# 80 series dump cart



## Keithf (Dec 5, 2012)

I have an 80 series dump cart that my dad bought back in 75. I wanted to clean it up a little and put new paint and decals on it. My problem lies with the JD dealer. They can't find anything on this thing. Now that it's not going to be easy to get the decals to match what I have, it's turning into a challenge. Next to going to a sign shop and have them replicated, does anyone know if there are any retro decals a guy can go ask about? I've cleaned and painted the wheels and replacing the bushings in them and going after new shoes next week for it. I'm going to take it apart and sand the frame down and repaint it, but the bed bottom has been stretched a bit due to being more used than looked at. I just wanna freshen it up a bit so it looks awesome from the road. I'm going to repaint with an automotive finish because I think it'll look better and last longer than say a 5$ JD green rattle can. Also, I've seen where the cart has been referred to as a patio cart. What does that mean? Anyway, here's a not so good pic of it from last year.


----------



## ben70b (Aug 29, 2012)

I know jorde's decals makes decals for old Deere tractors, they may b able to make some up for ya, it'll probably b pricey tho. I think the have a web site


----------



## grnspot110 (Aug 1, 2010)

Try HAPCO parts:

http://hapcoparts.com/model80dumpcartdecalkit.aspx


----------



## Keithf (Dec 5, 2012)

Thanks grn! Here's some pics of the project.


----------



## grnspot110 (Aug 1, 2010)

Going to take some work, but it'll be worth it! :thumbsup:


----------



## Keithf (Dec 5, 2012)

Yup, But like I said earlier, I just want it to look good from the road. Yes it is a bit rough, but it was bought to use, and use it was. I think a good sanding and some paint and decals, and this will be ready for another 38 yrs. Good grief, I was 11 when we bought that.


----------



## grnspot110 (Aug 1, 2010)

They were built to use, although I only use mine for shows & parades anymore.

Keep us posted! ~~ grnspot


----------



## grnspot110 (Aug 1, 2010)

They were built to use, although I only use mine for shows & parades anymore.
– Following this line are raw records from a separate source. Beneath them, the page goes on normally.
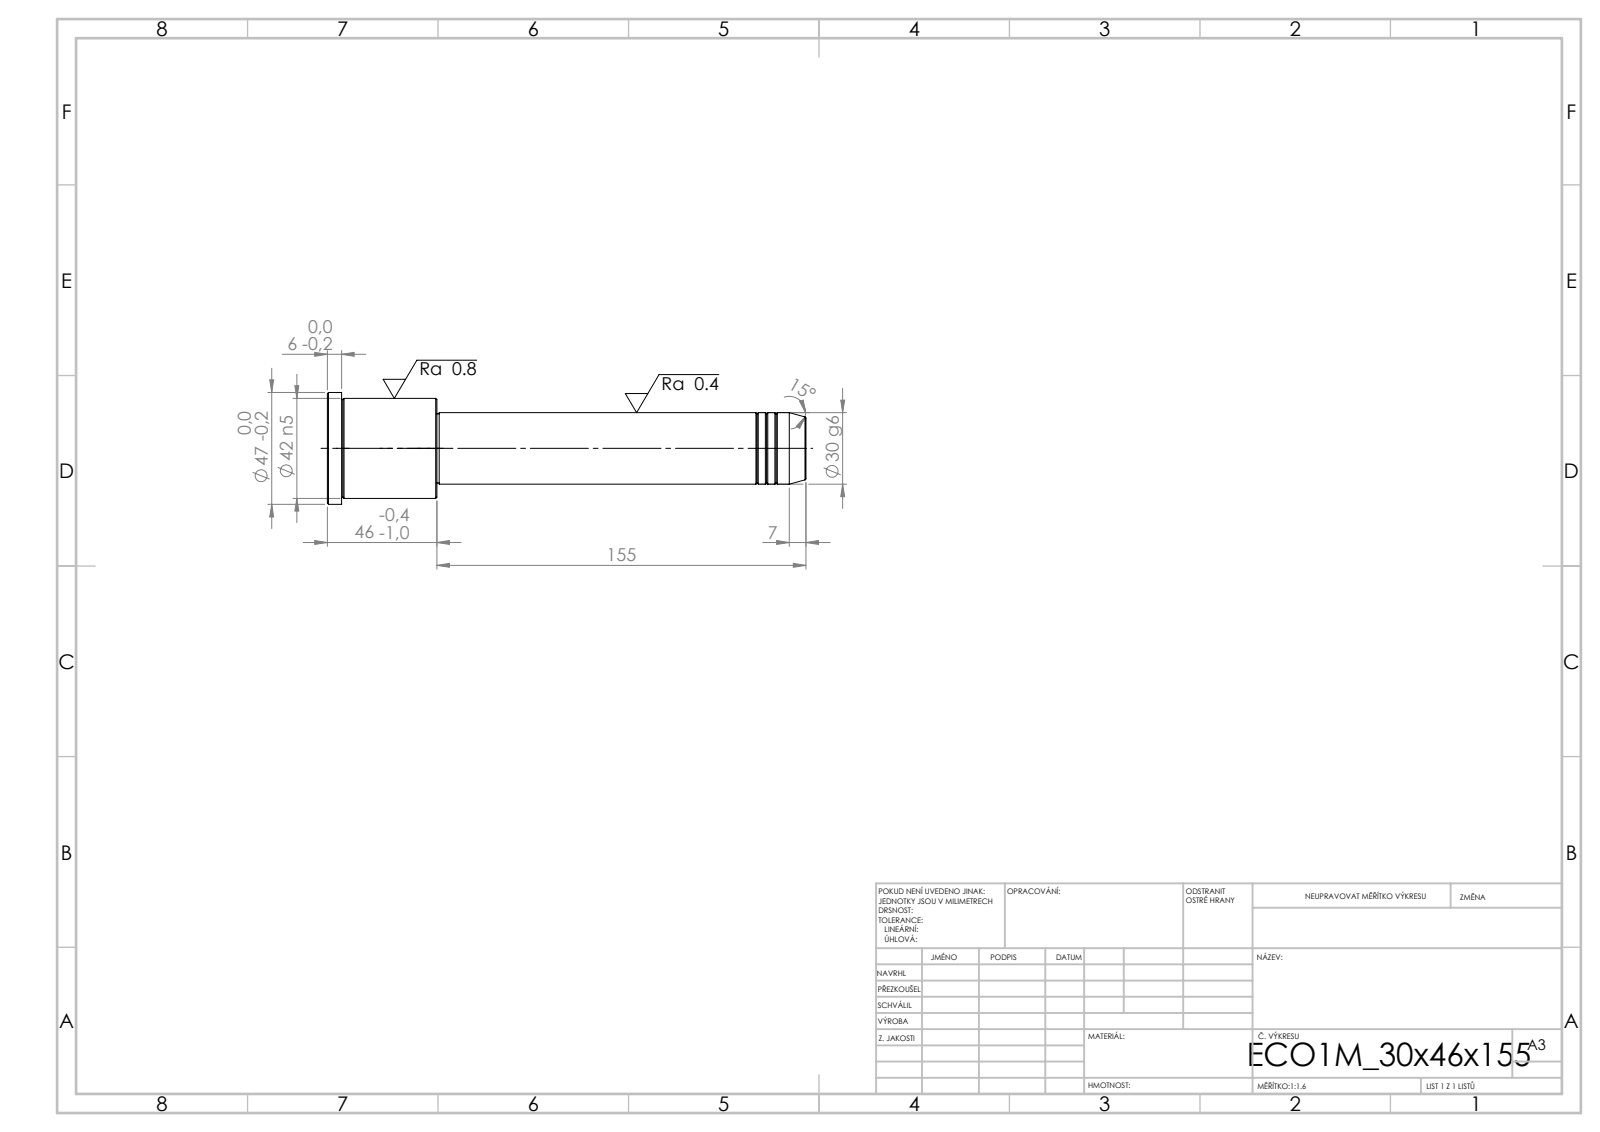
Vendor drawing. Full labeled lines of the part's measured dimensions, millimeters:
STEP written by: SolidWorks 2019 (CONFIG_CONTROL_DESIGN)
Units: millimetres
Bodies: 1 solid, 43 faces (5 planar, 14 cylindrical, 24 other)
Overall size (bounding box): 201 × 47 × 47
Volume: 174 553 mm³ · Surface area: 24 279 mm²
Round bosses / shafts (diameter × count): ⌀47 ×1, ⌀42 ×1, ⌀30 ×1, ⌀29 ×1
Main face-to-face distances: 46, 155, 201, 195, 40, 6, 154, 1, 41, 47

Keep us posted! ~~ grnspot


----------



## country Gent (Jul 22, 2010)

Decals available. I have the same trailer. Went on line to JD, looked up the parts list, got the part numbers, called my dealer and got every decal for it. "Utility Cart" See my next post.


----------



## country Gent (Jul 22, 2010)

Keithf. here you go. Go to John Deere Parts. Box maked "model,put in 80. List will come up, scroll down to 933-8, 50, 80 dump carts,click on it then scroll down to sectional index, drop down to 80 utility, click, look to the right, click on black arrow till you get to the view of the decals needed. get part numbers, use the online order feature or go to the dealer with part #s


----------



## country Gent (Jul 22, 2010)

I was told by a fellow JD restorer who also has a couple, depending on the year of manufacture, nicely restored could bring $800.00


----------



## Keithf (Dec 5, 2012)

Thanks for the tip! Although I'm not going to do a full restoration, I will put some paint on it and re-label it. I still gotta haul stuff.


----------



## Keithf (Dec 5, 2012)

I've gotten 200 more views on this than my 318, and I think that is a lot nicer to look at.


----------



## Keithf (Dec 5, 2012)

Update, I bought another cart that's in A LOT better shape, so I'm gonna make that the nice one. The rails aren't as beat up and the bed isn't pushed in. Crazy thing was 325$. Getting wheels painted and new rubber on it. The pics aren't very good because they were phone pics that were emailed to me. Can any one tell me the year this was made?


----------



## Rattosh51 (Sep 10, 2008)

Check out this post from WFM...

http://www.weekendfreedommachines.com/discus/messages/335/104516.html?1148014541

There's no specific breakdown of years for serial numbers on the 80 carts, just a general guideline.


----------